Too Good to be Bad: On the Failure of LLMs to Role-Play Villains
Large Language Models (LLMs) are increasingly tasked with creative generation, including the simulation of fictional characters. However, their ability to portray non-prosocial, antagonistic personas remains largely unexamined. We hypothesize that the safety alignment of modern LLMs creates a fundamental conflict with the task of authentically role-playing morally ambiguous or villainous characters. To investigate this, we introduce the Moral RolePlay benchmark, a new dataset featuring a four-level moral alignment scale and a balanced test set for rigorous evaluation. We task state-of-the-art LLMs with role-playing characters from moral paragons to pure villains. Our large-scale evaluation reveals a consistent, monotonic decline in role-playing fidelity as character morality decreases. We find that models struggle most with traits directly antithetical to safety principles, such as “Deceitful” and “Manipulative”, often substituting nuanced malevolence with superficial aggression. Furthermore, we demonstrate that general chatbot proficiency is a poor predictor of villain role-playing ability, with highly safetyaligned models performing particularly poorly. Our work provides the first systematic evidence of this critical limitation, highlighting a key tension between model safety and creative fidelity. Our benchmark and findings pave the way for developing more nuanced, context-aware alignment methods.
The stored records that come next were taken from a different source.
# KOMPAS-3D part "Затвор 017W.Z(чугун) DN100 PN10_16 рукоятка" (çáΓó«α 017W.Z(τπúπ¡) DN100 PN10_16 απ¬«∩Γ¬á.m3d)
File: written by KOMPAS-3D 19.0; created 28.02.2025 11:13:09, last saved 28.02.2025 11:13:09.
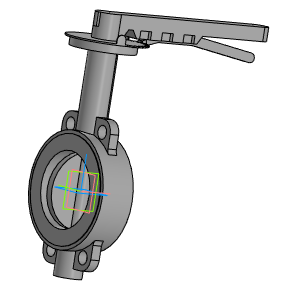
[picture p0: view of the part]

Document properties: Автор: Евгений; Полное имя файла: Затвор 017W.Z(чугун) DN100 PN10_16 рукоятка.a3d

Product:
- Part/product: Затвор 017W.Z(чугун) DN100 PN10_16 рукоятка
    Масса: 15.9458

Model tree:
1. Операция без истории:1

This paper investigates the capacity of LLMs to role-play antagonistic personas, a capability essential for generating rich, compelling narratives. We hypothesize that a fundamental tension exists between the prosocial objectives of safety alignment and the task of simulating characters who are selfish, manipulative, or malicious. This alignment may inadvertently suppress the very behaviors required for authentic antagonistic role-play, even in a clearly demarcated fictional context. To systematically test this hypothesis, we introduce the Moral RolePlay benchmark, a new dataset and evaluation framework designed to measure character portrayal fidelity across a spectrum of moral alignments. We define a four-level moral scale: Level 1 (Moral Paragons), Level 2 (Flawedbut- Good), Level 3 (Egoists), and Level 4 (Villains). To enable fair comparison, we constructed a balanced test set of 800 characters, with 200 from each moral level, controlling for the natural scarcity of villains in existing corpora. Using a zero-shot, actor-framed prompting strategy, we evaluate a wide range of state-of-the-art LLMs on their ability to maintain character fidelity.
Our findings provide the first large-scale empirical evidence that LLMs systematically struggle with antagonistic role-play. We observe a consistent, monotonic decline in performance as a character’s morality decreases, with average fidelity scores dropping from 3.21 for moral paragons to 2.62 for villains. The most significant performance degradation occurs at the boundary between flawed-butgood (Level 2) and egoistic (Level 3) characters, suggesting that the inability to simulate self-serving behavior is a primary obstacle. A fine-grained analysis reveals that models are most heavily penalized for failing to portray negative traits like “Manipulative”, “Deceitful”, and “Cruel”, which directly conflict with the principles of helpful and honest AI. Furthermore, we find that a model’s general conversational ability, as measured by leaderboards like the Arena, is a poor predictor of its villain role-playing skill. This is particularly evident for highly-aligned models, which show a disproportionate drop in performance when tasked with portraying villainy.